# day 6 but feeling okish, why?



## mark112 (Oct 31, 2012)

is this normal, its day 6 of learning my gf cheated, my story is on here. ok it was a mistake that only lasted 4mins but it still hurts. 

from the moment i found out i have asked everything and know from start to end of what happened, how she was feeling through it, anything that was said etc

i took all the pain in 1 go, quized her over and over so i knew everything, then kept replaying it over and over in my head for days and today it doesnt hurt so much, i mean it still hurts but not nearly as much. is this normal?

the only thing she couldnt tell me was exactly wher. it was outside and she was drunk in cuckoo land

stupidly i looked on google maps ground view, i dont know why i decided to punish myself this way. still none the wiser but still.


----------



## badmemory (Jul 31, 2012)

You don't mention how much time you have invested in your relationship, whether you thought about marriage, whether you're living together, etc. So I would guess it would depend on what type of commitment the two of you had, as to how bad this may effect you. Perhaps you just didn't have enough time or investment for it to be terribly devastating. 

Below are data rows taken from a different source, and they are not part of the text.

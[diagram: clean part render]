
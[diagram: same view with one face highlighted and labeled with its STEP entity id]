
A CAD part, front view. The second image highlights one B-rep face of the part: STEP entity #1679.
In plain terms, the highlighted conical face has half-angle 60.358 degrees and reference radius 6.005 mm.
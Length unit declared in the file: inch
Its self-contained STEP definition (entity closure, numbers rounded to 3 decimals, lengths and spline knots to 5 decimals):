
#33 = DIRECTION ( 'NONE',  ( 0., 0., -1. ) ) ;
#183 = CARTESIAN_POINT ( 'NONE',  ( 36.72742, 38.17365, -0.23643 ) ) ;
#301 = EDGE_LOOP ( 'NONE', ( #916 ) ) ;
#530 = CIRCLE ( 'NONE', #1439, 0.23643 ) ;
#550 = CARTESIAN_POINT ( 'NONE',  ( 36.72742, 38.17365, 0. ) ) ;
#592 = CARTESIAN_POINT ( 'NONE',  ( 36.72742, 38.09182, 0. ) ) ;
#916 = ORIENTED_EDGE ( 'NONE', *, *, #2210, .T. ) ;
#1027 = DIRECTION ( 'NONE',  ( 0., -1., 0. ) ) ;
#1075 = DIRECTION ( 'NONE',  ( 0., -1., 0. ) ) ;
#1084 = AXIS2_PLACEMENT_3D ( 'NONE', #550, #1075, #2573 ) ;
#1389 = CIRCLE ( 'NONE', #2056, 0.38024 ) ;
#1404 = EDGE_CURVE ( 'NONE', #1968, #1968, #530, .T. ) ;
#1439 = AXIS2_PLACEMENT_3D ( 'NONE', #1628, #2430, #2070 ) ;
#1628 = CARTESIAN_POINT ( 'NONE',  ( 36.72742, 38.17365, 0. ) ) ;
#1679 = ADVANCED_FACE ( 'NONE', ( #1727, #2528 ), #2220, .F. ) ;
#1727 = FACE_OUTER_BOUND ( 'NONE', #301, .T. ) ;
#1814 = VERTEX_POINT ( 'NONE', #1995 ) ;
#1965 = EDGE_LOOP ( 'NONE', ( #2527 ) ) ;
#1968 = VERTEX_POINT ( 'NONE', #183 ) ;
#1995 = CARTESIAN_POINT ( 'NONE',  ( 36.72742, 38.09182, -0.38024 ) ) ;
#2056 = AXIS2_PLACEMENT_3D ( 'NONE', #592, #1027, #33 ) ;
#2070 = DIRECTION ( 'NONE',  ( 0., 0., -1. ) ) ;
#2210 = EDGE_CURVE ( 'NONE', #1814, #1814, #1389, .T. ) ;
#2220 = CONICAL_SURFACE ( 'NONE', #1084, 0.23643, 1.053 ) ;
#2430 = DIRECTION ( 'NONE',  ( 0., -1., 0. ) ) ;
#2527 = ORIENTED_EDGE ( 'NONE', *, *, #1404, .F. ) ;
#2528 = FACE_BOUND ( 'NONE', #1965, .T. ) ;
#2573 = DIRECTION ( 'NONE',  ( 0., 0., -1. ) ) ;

Speaking for myself as a betrayed spouse with a 24 year marriage and a "as bad as it gets" betrayal; I found the first few weeks were less painful than the following months (it's been a year). I attribute most of that to the hysterical bonding and early mistakes I made following my discovery. Including holding myself as partially responsible. 

As I learned more about the mind set of cheating partners and that this wasn't my fault, I wised up and woke up. There was more pain after those first few weeks, but I realized that's part of the healing process that must occur for a successful reconciliation. 

Make sure that you don't rug sweep this and that she remains remorseful. If I were you, I'd be monitoring her for a while before I would make a long term commitment. You're lucky in a sense that you're not married and have no children (I assume).

Good luck.


P.S. Just read your earlier posts and see that this is a long term relationship with kids. All the more important to look for that remorseful behavior from her.


----------



## mark112 (Oct 31, 2012)

badmemory said:


> You don't mention how much time you have invested in your relationship, whether you thought about marriage, whether you're living together, etc. So I would guess it would depend on what type of commitment the two of you had, as to how bad this may effect you. Perhaps you just didn't have enough time or investment for it to be terribly devastating.
> 
> Speaking for myself as a betrayed spouse with a 24 year marriage and a "as bad as it gets" betrayal; I found the first few weeks were less painful than the following months (it's been a year). I attribute most of that to the hysterical bonding and early mistakes I made following my discovery. Including holding myself as partially responsible.
> 
> ...


thankyou for your reply, we have been together for 12 years, 2 children but not married, we have been having problems for a couple of years. she didnt plan to cheat, it wasnt an affair it was a silly drunken mistake after a big argument on our part, it was only 4 mins, maybe its whats making it easier, she feels guilty,dirty,remorsfull and told me straight away. im sorry for your situation but its good to hear your still together and getting through it, i wish you all the best


----------



## walkonmars (Aug 21, 2012)

Just a tip about posting. 

Posters will have a better feel for you situation if you keep all your posts on one thread. 

I think you'll find that you're more and more "okayish" once you feel you've had all your questions answered to your satisfaction.

But it could also be a sign that your feelings for her are not as deep as you thought. Think about these two possibilities.


----------



## Earl Dibbles Jr (Nov 1, 2012)

It wasn't a "mistake". A mistake is when you put salt in your coffee instead of sugar. When you let another man put his pecker in you, it hasn't been "mistaken" for yours.

ALso, I agree with walkonmars last sentence.


----------